This invention relates to a thickness vibration mode piezoelectric vibrating element. By the term thickness vibration mode is meant thickness shear, thickness twist and thickness extensional modes.
A double mode coupled quartz vibration element shown in FIG. 1 is old, for example U.S. Pat. No. 3,401,276. A crystal (quartz) plate 1 is produced by cutting a quartz crystal in parallel with the X-Z' plane of crystalline axes X, Y', and Z' in which axes Y' and Z' correspond to Y and Z' axes which are respectively rotated by a predetermined angle (for example 35.degree.15' in the case of AT cut) about the X axis. Common exciting electrodes 2a and 2b are applied to one surface (front surface) of the crystal plate 1, and divided exciting electrodes 3 and 4 are applied to the opposite or rear surface. These electrodes are formed by vacuum deposition of such electroconductive metals as gold, silver and aluminum. Electrodes 2a and 3 and electrodes 2b and 4 oppose each other through the crystal plate 1. The common electrodes 2a and 2b are connected to a lead wire 6 via connecting electrodes 5a and 5b respectively, whereas the divided electrodes 3 and 4 are connected to lead wires 9 and 10 respectively through connecting electrodes 7 and 8.
Vibration adjusting members 11 and 12 are formed on the electrodes 2a and 2b for the proposed of adjusting the vibration frequency of the vibrating member as will be described later.

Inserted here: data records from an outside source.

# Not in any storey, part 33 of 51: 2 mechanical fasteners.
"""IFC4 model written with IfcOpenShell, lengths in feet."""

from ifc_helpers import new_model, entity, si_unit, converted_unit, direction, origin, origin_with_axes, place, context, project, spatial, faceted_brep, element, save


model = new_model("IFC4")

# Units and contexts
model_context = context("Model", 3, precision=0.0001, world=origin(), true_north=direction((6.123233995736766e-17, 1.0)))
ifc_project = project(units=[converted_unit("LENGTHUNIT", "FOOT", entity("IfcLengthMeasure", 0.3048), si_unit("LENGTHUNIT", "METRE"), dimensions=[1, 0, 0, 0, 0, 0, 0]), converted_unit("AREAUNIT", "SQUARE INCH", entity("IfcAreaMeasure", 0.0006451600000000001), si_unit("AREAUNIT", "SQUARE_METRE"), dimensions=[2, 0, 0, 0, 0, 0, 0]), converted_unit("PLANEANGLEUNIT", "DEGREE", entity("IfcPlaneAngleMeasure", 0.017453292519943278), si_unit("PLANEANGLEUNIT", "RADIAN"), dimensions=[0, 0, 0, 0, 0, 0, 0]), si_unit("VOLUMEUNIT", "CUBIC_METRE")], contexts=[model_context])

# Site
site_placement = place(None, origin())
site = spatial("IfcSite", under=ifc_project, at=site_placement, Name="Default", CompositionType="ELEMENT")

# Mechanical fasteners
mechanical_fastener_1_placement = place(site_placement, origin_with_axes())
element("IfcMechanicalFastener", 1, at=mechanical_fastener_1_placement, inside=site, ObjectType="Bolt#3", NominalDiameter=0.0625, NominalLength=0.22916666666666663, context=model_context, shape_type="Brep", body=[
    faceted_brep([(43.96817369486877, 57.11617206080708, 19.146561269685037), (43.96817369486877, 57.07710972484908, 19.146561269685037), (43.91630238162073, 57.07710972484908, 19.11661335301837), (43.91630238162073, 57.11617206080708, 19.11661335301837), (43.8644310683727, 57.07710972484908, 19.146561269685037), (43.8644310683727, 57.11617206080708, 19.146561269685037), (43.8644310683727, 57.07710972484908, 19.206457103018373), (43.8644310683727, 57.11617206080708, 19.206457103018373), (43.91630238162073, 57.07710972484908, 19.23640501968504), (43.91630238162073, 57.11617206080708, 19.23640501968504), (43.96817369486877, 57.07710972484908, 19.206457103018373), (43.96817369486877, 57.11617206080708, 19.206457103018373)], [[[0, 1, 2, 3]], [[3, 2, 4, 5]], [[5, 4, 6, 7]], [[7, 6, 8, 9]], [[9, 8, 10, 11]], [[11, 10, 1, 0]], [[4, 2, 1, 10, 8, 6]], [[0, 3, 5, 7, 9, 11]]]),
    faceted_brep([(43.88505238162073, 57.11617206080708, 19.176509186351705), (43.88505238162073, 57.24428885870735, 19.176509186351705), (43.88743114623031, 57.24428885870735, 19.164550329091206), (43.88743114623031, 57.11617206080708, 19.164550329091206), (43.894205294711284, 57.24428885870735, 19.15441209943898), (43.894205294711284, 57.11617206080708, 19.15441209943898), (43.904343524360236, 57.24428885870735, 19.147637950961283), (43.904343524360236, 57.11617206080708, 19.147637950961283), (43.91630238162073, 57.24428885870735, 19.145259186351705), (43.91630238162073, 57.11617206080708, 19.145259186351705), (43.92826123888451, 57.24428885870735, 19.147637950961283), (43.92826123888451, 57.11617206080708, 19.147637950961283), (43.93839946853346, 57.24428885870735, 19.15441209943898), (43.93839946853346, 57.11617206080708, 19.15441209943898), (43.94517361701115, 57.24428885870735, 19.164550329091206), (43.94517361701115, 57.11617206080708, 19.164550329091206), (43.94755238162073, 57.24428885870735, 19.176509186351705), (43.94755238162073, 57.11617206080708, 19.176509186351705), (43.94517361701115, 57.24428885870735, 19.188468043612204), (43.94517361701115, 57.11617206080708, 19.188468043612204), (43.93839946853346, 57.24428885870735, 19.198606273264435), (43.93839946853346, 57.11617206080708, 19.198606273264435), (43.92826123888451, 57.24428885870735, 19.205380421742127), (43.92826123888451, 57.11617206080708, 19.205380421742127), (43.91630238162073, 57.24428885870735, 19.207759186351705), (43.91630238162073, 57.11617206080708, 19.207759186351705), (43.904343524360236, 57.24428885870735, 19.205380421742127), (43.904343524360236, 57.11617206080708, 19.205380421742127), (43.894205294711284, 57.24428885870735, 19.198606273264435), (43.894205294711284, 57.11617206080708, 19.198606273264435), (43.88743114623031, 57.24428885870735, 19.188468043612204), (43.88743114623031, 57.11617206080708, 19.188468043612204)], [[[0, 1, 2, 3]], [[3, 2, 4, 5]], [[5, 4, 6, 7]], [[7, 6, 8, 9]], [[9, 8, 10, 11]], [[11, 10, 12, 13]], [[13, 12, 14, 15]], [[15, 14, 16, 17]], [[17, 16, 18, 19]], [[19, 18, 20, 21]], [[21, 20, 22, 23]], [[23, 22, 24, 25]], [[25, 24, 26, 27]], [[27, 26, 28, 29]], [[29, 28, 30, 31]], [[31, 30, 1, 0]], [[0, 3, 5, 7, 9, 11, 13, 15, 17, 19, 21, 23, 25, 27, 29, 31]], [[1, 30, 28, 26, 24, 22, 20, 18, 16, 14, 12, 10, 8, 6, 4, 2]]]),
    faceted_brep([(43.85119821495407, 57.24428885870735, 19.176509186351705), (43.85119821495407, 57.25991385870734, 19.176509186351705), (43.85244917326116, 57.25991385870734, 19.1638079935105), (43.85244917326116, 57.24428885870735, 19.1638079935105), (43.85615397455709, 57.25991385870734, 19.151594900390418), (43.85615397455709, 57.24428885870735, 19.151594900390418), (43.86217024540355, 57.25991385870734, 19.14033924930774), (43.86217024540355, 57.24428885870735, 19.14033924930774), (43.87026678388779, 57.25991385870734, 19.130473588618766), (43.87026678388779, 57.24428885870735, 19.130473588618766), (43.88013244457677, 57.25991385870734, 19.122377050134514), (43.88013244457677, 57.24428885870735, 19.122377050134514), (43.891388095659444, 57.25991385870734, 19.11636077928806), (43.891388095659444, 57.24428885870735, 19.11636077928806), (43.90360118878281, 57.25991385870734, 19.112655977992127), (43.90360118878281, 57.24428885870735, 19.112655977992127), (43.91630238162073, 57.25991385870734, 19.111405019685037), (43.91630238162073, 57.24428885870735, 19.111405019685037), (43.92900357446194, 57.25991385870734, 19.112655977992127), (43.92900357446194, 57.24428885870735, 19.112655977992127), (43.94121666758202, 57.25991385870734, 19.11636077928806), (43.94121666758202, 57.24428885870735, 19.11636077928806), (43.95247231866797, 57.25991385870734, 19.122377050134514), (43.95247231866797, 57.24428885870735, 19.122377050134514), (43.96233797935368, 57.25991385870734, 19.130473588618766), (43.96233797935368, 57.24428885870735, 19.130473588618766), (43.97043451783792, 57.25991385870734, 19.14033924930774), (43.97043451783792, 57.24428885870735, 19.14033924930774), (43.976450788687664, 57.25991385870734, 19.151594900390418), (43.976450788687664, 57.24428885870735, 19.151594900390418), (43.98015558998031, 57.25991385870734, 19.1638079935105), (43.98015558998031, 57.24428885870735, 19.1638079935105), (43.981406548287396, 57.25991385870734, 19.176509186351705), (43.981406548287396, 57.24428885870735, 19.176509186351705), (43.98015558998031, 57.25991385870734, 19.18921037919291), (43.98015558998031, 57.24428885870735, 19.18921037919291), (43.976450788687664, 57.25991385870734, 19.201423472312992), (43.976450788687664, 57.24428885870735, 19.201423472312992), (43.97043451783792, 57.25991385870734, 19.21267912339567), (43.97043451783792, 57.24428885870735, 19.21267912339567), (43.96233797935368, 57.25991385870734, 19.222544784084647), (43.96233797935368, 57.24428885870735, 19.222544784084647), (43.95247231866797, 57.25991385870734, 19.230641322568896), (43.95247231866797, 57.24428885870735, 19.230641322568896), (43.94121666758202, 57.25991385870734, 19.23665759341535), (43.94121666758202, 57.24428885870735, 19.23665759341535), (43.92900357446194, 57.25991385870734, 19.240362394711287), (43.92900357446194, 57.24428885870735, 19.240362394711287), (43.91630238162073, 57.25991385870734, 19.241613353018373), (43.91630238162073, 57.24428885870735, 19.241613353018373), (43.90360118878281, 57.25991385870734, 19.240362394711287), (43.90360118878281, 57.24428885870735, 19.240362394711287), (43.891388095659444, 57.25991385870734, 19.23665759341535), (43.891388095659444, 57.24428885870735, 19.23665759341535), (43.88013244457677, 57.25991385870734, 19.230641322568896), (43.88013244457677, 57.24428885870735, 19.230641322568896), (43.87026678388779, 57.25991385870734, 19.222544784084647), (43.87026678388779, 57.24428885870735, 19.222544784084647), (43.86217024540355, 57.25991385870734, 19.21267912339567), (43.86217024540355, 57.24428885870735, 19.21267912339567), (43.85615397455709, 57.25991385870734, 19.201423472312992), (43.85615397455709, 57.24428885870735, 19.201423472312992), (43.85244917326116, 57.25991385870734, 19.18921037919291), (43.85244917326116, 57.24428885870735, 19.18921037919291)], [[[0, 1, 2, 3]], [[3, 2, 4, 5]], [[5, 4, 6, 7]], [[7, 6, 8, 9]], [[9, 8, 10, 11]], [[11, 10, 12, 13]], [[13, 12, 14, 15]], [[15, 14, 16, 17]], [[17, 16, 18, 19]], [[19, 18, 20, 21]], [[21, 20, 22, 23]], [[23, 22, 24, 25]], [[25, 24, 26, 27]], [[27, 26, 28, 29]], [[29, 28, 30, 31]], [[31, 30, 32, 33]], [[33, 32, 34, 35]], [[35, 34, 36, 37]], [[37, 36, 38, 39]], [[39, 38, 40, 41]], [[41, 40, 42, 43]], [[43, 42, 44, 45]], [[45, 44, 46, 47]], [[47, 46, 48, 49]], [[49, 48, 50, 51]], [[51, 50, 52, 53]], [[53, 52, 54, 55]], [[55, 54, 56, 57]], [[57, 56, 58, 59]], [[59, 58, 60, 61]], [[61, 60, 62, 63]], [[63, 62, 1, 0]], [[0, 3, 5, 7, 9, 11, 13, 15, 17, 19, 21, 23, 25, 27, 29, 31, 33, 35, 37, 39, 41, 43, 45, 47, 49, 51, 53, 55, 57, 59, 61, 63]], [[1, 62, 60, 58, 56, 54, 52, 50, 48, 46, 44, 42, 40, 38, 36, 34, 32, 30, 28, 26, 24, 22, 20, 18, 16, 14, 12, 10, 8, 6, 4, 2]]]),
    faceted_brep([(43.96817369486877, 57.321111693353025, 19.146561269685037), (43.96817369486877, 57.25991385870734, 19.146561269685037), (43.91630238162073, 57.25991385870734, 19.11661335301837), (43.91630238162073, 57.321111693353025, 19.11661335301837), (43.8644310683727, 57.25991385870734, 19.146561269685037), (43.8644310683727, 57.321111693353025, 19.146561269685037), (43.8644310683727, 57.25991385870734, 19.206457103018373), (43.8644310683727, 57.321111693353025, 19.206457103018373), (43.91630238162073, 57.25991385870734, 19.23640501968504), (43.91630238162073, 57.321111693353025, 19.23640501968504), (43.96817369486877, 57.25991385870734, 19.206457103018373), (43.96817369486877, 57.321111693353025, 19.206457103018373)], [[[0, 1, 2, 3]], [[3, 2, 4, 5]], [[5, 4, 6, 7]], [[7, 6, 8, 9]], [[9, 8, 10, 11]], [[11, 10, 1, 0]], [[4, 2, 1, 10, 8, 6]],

The vibration adjusting members are prepared by vapor depositing the same material as said electrodes or magnesium fluoride (MgF.sub.2).
Electrodes 2a, 2b, 3, 4, 5a, 5b, 7 and 8 are formed by primary vapor deposition, and at a stage of forming these electrodes, the vibration adjusting members 11 and 12, shown by shaded areas, are not yet deposited. These vibration adjusting members 11 and 12 are formed on the electrodes 2a and 2b by the following method. More particularly, the output level characteristic of the crystal plate subjected to the primary vapor deposition is measured by a measuring circuit shown in FIG. 2, which is usually used to measure the output of a piezoelectric vibrating element and comprises an oscillator 13, resistors 14 and 15 and a detector 16. The result of measurement is generally shown by a solid line curve a shown in FIG. 3. Since it is difficult to match the center frequency f.sub.01 of the primary vapor deposited portions to a desired center frequency f.sub.0 (for example 10.7 MHz) the center frequency f.sub.01 is set to a value higher than the desired center frequency f.sub.0 by a percentage of frequency variation of 10.sup.-4 -10.sup.-3. The vibration adjusting members 11 and 12 are provided for the purpose of causing the center frequency of f.sub.01 of the crystal plate 1 obtained by the primary vapor deposition to approach the desired center frequency f.sub.0 so that suitable amounts of the vibration adjusting members are formed on the electrodes 2a and 2b by secondary vapor deposition by using the result of measurement described above.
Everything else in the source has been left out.